Y uno de los malhechores que estaban colgados le injuriaba, diciendo: Si tú eres el Cristo, sálvate a ti mismo y a nosotros. Respondiendo el otro, le reprendió…
(Lucas 23:39-43).
Mientras que uno de los dos malhechores manifestaba creciente y abierta hostilidad contra Jesús, añadiendo blasfemias a los insultos, en el otro se producía un inesperado cambio. Este último reprendió a su compañero. Él ya no quería participar, absolutamente, “en las obras infructuosas de las tinieblas”, y obró como un hijo “de luz” (Efesios 5:8, 11).
¿Qué lo había conducido a su conversión? Solo puede haber una explicación: Dios había obrado secretamente en el corazón de este hombre, a fin de arrancar de la perdición eterna a un pecador, en el último momento de su vida. Solo Lucas nos relata este hecho que revela a la vez el abismo de maldad en el cual el hombre está hundido y el admirable despliegue de la gracia de Dios.
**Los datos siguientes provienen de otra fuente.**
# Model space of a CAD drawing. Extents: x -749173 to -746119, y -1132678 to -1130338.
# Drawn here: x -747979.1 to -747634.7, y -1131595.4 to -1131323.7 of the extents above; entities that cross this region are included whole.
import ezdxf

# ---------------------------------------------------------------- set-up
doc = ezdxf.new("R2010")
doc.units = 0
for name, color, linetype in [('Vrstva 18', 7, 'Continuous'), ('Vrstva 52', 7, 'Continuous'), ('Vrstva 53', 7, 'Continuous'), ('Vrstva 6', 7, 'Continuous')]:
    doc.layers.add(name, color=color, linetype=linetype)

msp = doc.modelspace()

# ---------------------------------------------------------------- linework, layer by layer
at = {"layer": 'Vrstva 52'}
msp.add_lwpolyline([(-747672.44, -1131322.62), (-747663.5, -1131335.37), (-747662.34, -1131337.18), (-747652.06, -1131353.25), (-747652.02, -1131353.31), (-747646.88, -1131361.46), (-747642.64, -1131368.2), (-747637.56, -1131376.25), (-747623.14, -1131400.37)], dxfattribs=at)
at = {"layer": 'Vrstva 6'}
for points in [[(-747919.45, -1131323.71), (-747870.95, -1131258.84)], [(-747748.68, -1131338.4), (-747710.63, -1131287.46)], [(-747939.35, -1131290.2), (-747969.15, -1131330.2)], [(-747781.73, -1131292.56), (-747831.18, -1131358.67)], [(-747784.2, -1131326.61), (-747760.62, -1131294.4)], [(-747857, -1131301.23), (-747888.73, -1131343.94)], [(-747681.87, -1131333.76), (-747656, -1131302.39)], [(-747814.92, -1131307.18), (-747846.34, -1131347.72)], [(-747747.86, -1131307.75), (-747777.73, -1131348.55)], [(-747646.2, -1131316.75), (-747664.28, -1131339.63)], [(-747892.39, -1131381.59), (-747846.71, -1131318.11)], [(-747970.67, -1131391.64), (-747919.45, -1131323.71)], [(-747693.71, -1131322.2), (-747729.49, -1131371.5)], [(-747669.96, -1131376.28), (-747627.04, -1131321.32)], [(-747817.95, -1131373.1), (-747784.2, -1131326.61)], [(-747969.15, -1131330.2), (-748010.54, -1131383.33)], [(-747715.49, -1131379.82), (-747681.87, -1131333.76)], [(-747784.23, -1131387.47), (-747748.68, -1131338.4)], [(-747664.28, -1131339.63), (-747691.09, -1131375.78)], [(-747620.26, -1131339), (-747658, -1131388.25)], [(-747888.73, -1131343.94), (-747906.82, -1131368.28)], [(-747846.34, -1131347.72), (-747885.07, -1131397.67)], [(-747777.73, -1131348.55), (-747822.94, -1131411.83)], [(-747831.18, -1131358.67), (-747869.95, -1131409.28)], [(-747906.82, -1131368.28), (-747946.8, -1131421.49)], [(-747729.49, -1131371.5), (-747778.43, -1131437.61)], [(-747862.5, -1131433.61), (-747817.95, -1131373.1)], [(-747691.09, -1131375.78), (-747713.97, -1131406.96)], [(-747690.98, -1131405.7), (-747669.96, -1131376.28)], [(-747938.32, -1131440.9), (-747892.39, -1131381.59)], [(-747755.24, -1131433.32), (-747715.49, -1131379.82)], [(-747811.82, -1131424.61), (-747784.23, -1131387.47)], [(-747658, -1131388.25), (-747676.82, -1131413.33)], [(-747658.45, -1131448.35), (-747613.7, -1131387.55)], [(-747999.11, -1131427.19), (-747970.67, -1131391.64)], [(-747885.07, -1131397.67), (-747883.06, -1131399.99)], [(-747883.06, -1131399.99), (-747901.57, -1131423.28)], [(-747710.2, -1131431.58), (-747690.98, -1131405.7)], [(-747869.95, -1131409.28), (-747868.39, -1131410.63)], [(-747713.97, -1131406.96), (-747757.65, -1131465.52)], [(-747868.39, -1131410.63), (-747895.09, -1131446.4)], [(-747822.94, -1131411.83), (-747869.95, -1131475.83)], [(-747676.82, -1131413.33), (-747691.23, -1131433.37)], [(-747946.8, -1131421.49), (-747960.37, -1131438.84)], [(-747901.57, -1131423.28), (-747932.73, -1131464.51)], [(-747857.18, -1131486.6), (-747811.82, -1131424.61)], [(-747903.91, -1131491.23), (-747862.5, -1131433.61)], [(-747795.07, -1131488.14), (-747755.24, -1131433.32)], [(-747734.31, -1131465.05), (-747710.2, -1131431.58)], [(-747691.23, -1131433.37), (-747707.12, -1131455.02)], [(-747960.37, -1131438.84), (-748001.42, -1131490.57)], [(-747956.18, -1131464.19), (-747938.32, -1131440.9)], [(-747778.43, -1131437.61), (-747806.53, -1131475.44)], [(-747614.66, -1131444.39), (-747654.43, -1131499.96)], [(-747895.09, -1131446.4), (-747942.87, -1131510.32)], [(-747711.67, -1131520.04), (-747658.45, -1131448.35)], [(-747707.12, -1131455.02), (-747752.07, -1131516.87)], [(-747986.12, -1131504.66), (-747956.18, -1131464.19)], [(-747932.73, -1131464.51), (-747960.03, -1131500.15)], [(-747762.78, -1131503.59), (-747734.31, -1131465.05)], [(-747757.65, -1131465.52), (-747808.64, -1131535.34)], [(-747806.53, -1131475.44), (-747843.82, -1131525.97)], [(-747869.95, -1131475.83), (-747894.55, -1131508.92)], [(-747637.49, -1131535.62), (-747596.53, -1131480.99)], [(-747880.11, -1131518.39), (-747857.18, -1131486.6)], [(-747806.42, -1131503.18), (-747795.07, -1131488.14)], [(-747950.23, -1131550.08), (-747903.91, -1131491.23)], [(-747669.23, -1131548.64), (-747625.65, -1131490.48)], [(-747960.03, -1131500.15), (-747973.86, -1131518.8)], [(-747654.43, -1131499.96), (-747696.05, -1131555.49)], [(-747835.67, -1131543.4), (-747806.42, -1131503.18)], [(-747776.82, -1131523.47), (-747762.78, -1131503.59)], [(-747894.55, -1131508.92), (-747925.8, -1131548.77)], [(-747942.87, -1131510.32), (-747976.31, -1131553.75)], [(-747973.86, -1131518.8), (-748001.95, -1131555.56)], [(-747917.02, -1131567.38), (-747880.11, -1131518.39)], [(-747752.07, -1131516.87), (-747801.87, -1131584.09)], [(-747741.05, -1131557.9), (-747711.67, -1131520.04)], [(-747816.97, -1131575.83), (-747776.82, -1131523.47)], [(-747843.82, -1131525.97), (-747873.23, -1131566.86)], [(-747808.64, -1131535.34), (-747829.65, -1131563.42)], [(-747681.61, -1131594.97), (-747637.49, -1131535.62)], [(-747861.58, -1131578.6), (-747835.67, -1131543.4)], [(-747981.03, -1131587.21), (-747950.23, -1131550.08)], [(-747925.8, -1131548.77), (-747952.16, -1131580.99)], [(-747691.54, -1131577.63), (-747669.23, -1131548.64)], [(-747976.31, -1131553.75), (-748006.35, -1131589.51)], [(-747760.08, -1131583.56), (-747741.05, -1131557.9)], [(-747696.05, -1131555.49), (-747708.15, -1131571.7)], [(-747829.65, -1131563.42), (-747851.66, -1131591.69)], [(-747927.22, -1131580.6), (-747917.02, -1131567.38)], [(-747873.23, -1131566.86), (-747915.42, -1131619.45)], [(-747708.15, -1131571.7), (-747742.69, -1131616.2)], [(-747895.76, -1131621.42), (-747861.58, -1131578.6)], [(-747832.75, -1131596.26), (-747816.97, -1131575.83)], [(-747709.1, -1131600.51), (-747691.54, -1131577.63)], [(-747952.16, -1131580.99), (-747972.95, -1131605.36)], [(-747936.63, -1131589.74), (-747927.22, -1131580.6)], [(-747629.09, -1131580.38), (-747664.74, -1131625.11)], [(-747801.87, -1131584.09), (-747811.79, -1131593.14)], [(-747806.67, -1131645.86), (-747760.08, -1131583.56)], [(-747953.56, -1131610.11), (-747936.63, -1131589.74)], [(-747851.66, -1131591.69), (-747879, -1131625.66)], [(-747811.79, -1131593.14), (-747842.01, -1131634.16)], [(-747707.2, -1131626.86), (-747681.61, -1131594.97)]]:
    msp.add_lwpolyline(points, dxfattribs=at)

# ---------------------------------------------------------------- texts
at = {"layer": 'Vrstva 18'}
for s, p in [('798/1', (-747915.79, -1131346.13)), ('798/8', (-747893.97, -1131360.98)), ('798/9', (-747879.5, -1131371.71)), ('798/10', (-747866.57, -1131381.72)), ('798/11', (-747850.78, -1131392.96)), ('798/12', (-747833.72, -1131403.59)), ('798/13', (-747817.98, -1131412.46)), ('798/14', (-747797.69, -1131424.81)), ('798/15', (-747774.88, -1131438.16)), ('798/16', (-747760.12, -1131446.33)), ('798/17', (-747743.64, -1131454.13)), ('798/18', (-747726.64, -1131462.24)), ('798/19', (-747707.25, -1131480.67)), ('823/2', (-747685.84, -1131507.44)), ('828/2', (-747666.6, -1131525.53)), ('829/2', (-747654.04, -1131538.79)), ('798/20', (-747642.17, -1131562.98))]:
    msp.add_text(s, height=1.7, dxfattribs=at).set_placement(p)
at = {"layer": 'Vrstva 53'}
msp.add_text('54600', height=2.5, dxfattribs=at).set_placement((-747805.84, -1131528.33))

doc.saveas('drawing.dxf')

Esta obra se realizó sin que mediara intervención humana alguna. Por cierto, es nuestra responsabilidad llamar la atención a los hombres que nos rodean acerca del estado pecaminoso en que se encuentran, advertirles sobre el terrible juicio que les espera y hablarles de la salvación que se les ofrece en Cristo. Pero si Dios no obra, nuestros esfuerzos serán vanos. Tanto la obra de la salvación a favor de los pecadores, como el trabajo que se realiza en sus corazones, son únicamente obras de Dios.
“Respondiendo el otro, le reprendió, diciendo: ¿Ni aun temes tú a Dios, estando en la misma condenación?” (Lucas 23:40). Estas palabras manifiestan el primer fruto de ese trabajo secreto de Dios en el corazón del ladrón: el temor de Dios. Este hombre, que momentos antes injuriaba al Señor Jesús, reprendía ahora a su compañero que, frente a la muerte, no temía al Dios santo, al Juez eterno, delante de quien, tanto uno como otro, tendrían que presentarse muy pronto. El temor de Dios, que es “el principio de la sabiduría” (Proverbios 1:7), había penetrado en su corazón.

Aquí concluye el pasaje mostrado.